» What the task requires:
Could you copy exactly the lines from the one containing "all points at" through the last line of the records below, and nothing else?

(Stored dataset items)
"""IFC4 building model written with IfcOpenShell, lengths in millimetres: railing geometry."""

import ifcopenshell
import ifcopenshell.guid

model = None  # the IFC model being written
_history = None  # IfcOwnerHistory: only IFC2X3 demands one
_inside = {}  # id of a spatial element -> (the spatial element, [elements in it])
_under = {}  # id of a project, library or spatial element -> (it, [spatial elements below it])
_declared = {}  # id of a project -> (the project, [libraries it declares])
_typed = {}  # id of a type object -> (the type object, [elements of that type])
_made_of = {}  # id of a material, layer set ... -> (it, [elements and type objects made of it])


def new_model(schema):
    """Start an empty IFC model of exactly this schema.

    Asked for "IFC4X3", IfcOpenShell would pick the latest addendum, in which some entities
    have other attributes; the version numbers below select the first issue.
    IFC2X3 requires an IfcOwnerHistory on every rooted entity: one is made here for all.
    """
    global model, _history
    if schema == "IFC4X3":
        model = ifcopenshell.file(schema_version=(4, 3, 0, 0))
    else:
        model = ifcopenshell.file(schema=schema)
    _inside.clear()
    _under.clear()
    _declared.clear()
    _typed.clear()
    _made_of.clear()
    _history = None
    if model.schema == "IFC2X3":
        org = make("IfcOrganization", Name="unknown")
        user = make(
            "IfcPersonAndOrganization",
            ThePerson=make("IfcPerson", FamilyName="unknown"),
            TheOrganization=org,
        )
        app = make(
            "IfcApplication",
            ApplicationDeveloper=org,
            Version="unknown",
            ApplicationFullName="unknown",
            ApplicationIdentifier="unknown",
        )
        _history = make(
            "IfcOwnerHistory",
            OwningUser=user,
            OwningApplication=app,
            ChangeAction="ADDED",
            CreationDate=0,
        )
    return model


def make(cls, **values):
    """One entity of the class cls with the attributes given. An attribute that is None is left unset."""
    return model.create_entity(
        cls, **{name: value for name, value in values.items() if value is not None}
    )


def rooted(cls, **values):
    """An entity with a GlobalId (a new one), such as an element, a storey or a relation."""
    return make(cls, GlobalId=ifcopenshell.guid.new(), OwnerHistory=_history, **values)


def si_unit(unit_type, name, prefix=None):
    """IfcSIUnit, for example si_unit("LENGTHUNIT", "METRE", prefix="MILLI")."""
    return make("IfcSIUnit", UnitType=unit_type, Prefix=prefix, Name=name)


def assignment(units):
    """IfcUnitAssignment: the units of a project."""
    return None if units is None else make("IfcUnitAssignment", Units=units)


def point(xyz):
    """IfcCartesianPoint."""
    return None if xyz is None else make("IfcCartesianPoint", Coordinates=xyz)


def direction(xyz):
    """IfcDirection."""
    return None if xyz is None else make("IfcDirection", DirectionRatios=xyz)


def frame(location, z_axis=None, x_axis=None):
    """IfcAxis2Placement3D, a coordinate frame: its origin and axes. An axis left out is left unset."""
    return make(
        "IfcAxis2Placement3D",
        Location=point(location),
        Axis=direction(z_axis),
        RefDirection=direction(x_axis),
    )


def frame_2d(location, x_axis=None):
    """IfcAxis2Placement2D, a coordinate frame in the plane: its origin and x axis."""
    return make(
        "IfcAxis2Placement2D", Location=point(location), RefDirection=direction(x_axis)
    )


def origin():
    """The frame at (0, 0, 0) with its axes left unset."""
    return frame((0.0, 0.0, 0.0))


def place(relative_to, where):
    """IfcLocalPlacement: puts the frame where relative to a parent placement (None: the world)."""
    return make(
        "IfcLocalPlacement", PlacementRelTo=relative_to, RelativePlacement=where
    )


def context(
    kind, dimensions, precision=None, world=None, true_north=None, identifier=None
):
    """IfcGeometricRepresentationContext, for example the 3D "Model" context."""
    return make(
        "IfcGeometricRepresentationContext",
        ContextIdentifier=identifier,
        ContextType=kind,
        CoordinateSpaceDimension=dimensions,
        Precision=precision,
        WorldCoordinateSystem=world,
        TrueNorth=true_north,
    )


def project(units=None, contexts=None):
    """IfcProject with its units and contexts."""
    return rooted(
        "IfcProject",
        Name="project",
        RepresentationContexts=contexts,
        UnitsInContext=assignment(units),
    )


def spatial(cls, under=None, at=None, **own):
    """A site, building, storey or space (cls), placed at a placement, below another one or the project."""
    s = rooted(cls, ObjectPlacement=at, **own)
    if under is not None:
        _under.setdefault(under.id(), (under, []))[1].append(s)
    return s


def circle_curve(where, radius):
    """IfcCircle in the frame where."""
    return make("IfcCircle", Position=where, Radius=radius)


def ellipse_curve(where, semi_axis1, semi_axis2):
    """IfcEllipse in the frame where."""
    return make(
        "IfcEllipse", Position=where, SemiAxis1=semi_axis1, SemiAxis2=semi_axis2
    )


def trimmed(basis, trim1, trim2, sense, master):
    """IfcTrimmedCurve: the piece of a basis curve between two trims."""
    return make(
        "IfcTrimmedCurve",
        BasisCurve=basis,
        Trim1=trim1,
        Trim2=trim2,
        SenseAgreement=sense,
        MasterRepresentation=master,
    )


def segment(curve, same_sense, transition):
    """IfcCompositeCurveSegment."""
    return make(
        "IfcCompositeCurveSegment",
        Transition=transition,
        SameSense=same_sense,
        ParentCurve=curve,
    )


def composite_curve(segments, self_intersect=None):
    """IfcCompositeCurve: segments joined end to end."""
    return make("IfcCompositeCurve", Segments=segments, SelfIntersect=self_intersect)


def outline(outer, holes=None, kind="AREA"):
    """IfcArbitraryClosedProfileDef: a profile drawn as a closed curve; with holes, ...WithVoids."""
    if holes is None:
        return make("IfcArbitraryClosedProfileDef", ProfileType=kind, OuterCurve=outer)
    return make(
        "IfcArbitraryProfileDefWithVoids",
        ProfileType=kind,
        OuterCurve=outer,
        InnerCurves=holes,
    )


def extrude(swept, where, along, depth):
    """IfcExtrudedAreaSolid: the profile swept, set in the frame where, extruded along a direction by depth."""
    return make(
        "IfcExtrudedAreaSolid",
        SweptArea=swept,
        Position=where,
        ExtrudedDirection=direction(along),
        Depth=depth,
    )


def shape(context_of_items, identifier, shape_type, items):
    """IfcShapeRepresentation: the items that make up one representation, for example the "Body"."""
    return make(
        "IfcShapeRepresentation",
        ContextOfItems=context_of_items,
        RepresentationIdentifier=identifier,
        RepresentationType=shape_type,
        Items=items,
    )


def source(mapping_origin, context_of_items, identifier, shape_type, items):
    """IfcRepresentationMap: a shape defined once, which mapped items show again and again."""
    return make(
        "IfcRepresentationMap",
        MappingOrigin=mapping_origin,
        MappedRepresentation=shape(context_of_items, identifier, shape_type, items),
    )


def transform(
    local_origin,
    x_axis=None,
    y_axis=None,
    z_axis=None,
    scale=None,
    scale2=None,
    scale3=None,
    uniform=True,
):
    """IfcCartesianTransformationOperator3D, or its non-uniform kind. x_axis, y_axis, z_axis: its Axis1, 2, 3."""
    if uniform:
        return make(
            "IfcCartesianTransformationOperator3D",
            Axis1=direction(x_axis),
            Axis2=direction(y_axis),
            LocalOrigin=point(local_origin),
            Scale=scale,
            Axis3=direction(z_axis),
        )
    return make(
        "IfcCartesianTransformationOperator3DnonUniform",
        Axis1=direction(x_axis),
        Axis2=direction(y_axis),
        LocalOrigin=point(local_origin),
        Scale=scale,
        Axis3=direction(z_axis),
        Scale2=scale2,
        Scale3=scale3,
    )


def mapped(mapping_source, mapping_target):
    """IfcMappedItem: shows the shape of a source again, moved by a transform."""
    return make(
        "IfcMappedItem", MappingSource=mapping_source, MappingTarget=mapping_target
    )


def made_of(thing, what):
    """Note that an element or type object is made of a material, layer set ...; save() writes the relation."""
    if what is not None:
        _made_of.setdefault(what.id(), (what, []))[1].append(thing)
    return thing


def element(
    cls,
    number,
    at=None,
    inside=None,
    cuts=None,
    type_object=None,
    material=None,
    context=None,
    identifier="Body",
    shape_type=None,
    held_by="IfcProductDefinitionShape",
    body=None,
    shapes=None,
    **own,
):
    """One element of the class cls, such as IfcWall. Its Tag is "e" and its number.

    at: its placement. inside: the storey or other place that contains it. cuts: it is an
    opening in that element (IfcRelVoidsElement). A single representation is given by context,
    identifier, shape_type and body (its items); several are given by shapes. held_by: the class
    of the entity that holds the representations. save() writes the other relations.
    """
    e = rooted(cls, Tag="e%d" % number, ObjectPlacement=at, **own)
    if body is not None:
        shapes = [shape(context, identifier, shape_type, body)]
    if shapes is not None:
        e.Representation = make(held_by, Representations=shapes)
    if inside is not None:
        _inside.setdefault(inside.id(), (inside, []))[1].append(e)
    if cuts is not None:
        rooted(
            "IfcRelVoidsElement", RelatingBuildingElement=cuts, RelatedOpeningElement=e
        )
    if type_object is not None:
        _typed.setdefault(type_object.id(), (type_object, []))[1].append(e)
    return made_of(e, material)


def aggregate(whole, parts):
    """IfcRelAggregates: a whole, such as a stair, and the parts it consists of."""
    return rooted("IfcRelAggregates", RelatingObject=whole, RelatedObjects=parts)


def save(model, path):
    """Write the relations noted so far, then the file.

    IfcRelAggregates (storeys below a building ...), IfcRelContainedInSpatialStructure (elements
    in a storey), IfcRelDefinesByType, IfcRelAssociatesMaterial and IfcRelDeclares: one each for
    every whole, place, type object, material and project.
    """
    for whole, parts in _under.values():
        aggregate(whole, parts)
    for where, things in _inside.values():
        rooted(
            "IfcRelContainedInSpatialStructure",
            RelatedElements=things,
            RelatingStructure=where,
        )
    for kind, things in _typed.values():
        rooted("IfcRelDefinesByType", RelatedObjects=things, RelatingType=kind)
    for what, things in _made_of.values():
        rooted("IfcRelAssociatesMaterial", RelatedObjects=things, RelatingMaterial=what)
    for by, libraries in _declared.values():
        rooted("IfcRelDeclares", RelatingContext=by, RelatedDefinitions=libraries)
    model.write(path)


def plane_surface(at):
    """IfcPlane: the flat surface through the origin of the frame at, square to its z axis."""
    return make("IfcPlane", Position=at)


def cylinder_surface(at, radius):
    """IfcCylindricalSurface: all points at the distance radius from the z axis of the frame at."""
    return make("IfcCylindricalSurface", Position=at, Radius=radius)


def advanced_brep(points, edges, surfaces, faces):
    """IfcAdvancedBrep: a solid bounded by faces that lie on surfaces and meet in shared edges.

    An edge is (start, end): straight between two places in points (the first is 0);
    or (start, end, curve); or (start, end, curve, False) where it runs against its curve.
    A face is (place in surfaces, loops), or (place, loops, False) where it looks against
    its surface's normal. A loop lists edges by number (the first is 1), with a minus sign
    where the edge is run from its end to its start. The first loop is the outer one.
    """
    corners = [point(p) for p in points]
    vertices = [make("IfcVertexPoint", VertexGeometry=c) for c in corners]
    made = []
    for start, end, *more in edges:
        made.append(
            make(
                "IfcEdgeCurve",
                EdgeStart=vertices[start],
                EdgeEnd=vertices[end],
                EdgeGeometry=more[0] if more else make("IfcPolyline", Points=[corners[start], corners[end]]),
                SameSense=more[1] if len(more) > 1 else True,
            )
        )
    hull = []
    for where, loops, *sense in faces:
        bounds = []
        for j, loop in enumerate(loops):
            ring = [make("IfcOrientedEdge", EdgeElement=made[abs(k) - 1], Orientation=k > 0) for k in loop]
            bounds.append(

» Written response:
    """IfcCylindricalSurface: all points at the distance radius from the z axis of the frame at."""
    return make("IfcCylindricalSurface", Position=at, Radius=radius)


def advanced_brep(points, edges, surfaces, faces):
    """IfcAdvancedBrep: a solid bounded by faces that lie on surfaces and meet in shared edges.

    An edge is (start, end): straight between two places in points (the first is 0);
    or (start, end, curve); or (start, end, curve, False) where it runs against its curve.
    A face is (place in surfaces, loops), or (place, loops, False) where it looks against
    its surface's normal. A loop lists edges by number (the first is 1), with a minus sign
    where the edge is run from its end to its start. The first loop is the outer one.
    """
    corners = [point(p) for p in points]
    vertices = [make("IfcVertexPoint", VertexGeometry=c) for c in corners]
    made = []
    for start, end, *more in edges:
        made.append(
            make(
                "IfcEdgeCurve",
                EdgeStart=vertices[start],
                EdgeEnd=vertices[end],
                EdgeGeometry=more[0] if more else make("IfcPolyline", Points=[corners[start], corners[end]]),
                SameSense=more[1] if len(more) > 1 else True,
            )
        )
    hull = []
    for where, loops, *sense in faces:
        bounds = []
        for j, loop in enumerate(loops):
            ring = [make("IfcOrientedEdge", EdgeElement=made[abs(k) - 1], Orientation=k > 0) for k in loop]
            bounds.append(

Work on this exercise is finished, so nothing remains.